Selain itu, lanjut Febri, kliennya juga sempat ditanya tentang pertanyaan saat dirinya diperiksa pertama kali ketika ditetapkan menjadi tersangka.
“Pertanyaan lebih pada memperdalam apa yang sebelumnya pernah ditanya ya di pemeriksaan sebagai tersangka yang pertama kali beberapa waktu yang lalu,” ujar Febri.
Dalam pemeriksaan sebelumnya, Febrie diperiksa sekitar 10 jam. Febrie dicecar sebanyak 50 pertanyaan oleh penyidik pada Kamis (3/9/2026) lalu.
“Ada sekitar, sekitar 50 tadi pertanyaan yang dijawab sebaik-baiknya oleh Pak FA,” kata Febri di Kejaksaan Agung, Kamis malam.
![Tersangka yang merupakan mantan Jaksa Agung Muda Tindak Pidana Khusus (Jampidsus) Febrie Adriansyah (kanan) berjalan menuju mobil tahanan di Rutan Cabang KPK, Jakarta, Jumat (7/8/2026). [ANTARA FOTO/Indrianto Eko Suwarso/YU]](https://media.suara.com/pictures/653x366/2026/08/07/32304-febrie-adriansyah-diperiksa-kejagung-febrie-adriansyah.jpg)
Febri juga sempat menyampaikan soal pemeriksaan hari ini.
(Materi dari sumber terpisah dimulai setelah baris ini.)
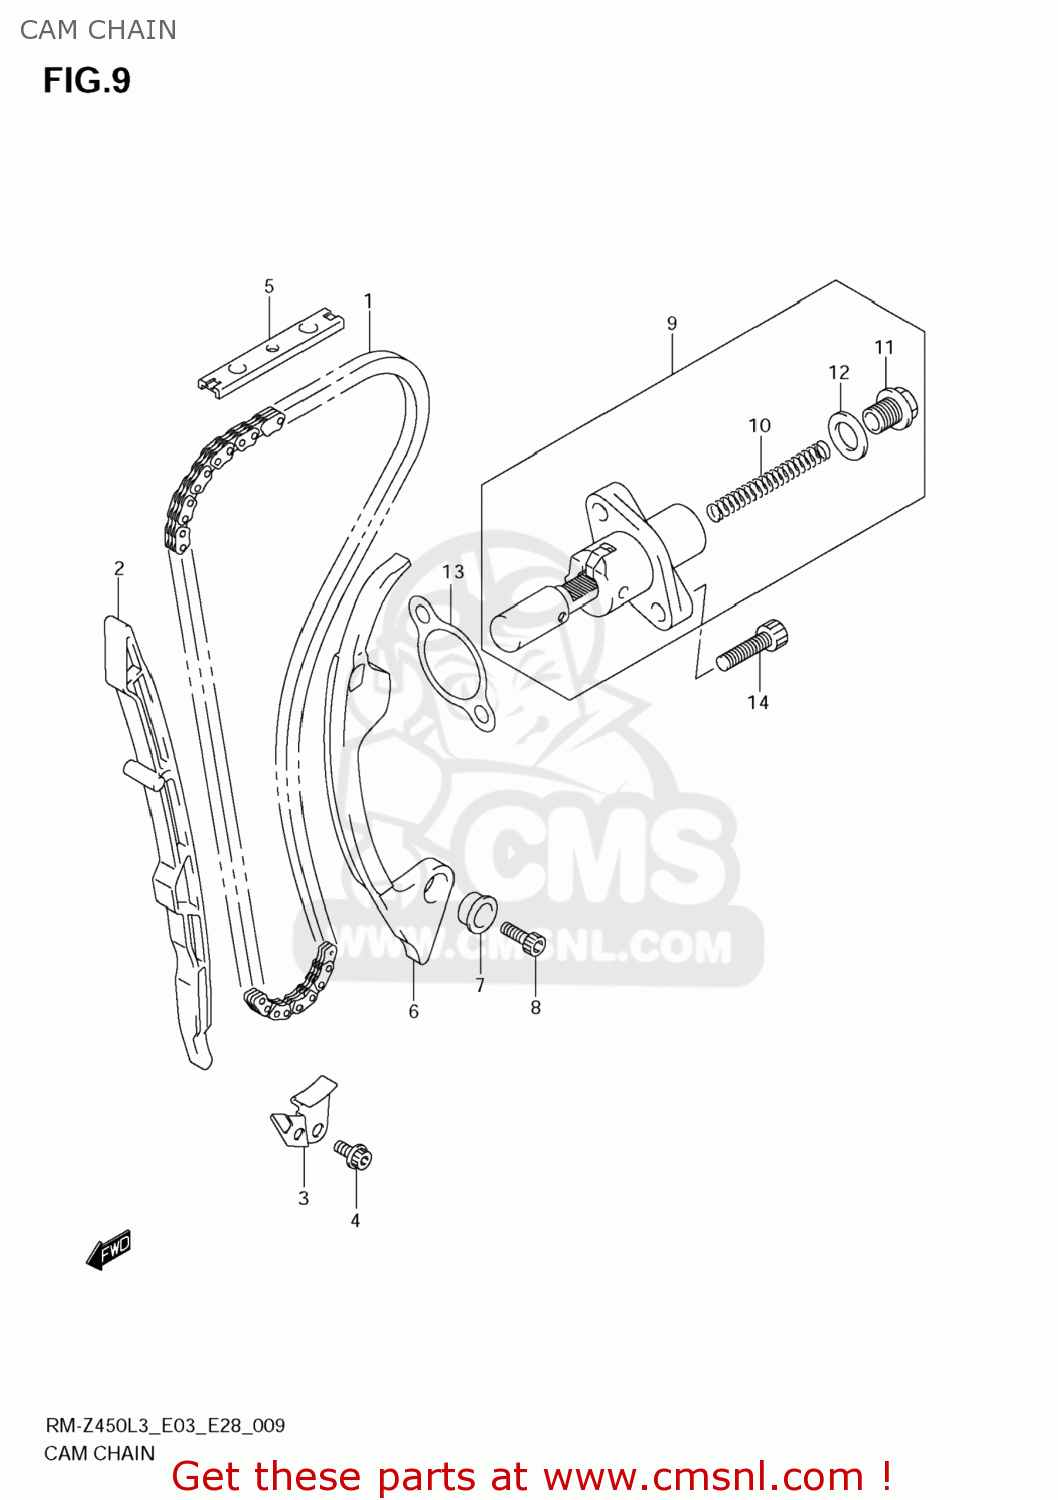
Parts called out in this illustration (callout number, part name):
1	CHAIN,CAMSHAFT DRIVE
2	GUIDE,CAM CHAIN NO.1
3	RETAINER,CAM CHAIN GUIDE NO.1
4	BOLT
5	GUIDE,CAM CHAIN NO.2
6	TENSIONER,CAM CHAIN
7	SPACER,CAM CHAIN TENSIONER
8	BOLT
9	ADJUSTER ASSY,TENSIONER
10	SPRING
11	PLUG,FR TENSIONER ADJ
12	GASKET,TENSIONER ADJUSTER (NAS)
13	GASKET,TENSIONER ADJUSTER (NAS)
14	BOLT

Mulanya, berdasarkan surat pemanggilan, Febrie dipanggil untuk diperiksa sebagai saksi. Namun, saat proses pemeriksaan, Febrie diperiksa sebagai tersangka.
"Kami sebelumnya sebenarnya menerima suratnya pemanggilan sebagai saksi, tapi tadi proses pemeriksaan sebagai tersangka. Namun Pak FA tetap kooperatif dan menjawab seluruh pertanyaan dan menjelaskan apa yang ditanyakan oleh penyidik,” jelasnya.
Febri melanjutkan, jika dalam waktu dekat Febrie kembali dibutuhkan keterangannya, kliennya siap memenuhi panggilan.
"Tentu saja Pak FA akan bersedia dan tetap akan komit untuk menghormati proses hukum ini,” katanya.
Diketahui, Kejaksaan Agung sedang mengusut empat surat perintah penyidikan (sprindik) lanjutan dari pengalihan kasus dugaan korupsi dan TPPU yang ditangani penyidik gabungan Polri.
Dari empat sprindik tersebut, Febrie telah dijerat dalam kasus dugaan TPPU emas 74 kilogram dan valuta asing senilai Rp476 miliar, serta kasus korupsi PT Asabri.
Sementara itu, dua sprindik, yakni anak usaha PT Krakatau Steel dan batu bara pemicu blackout, masih berstatus saksi.
Selain Febrie, Kejagung juga menetapkan Don Ritto sebagai tersangka dalam kasus korupsi PT Asabri. Sedangkan Nurman Herin dijerat sebagai tersangka atas TPPU yang menyangkut Febrie.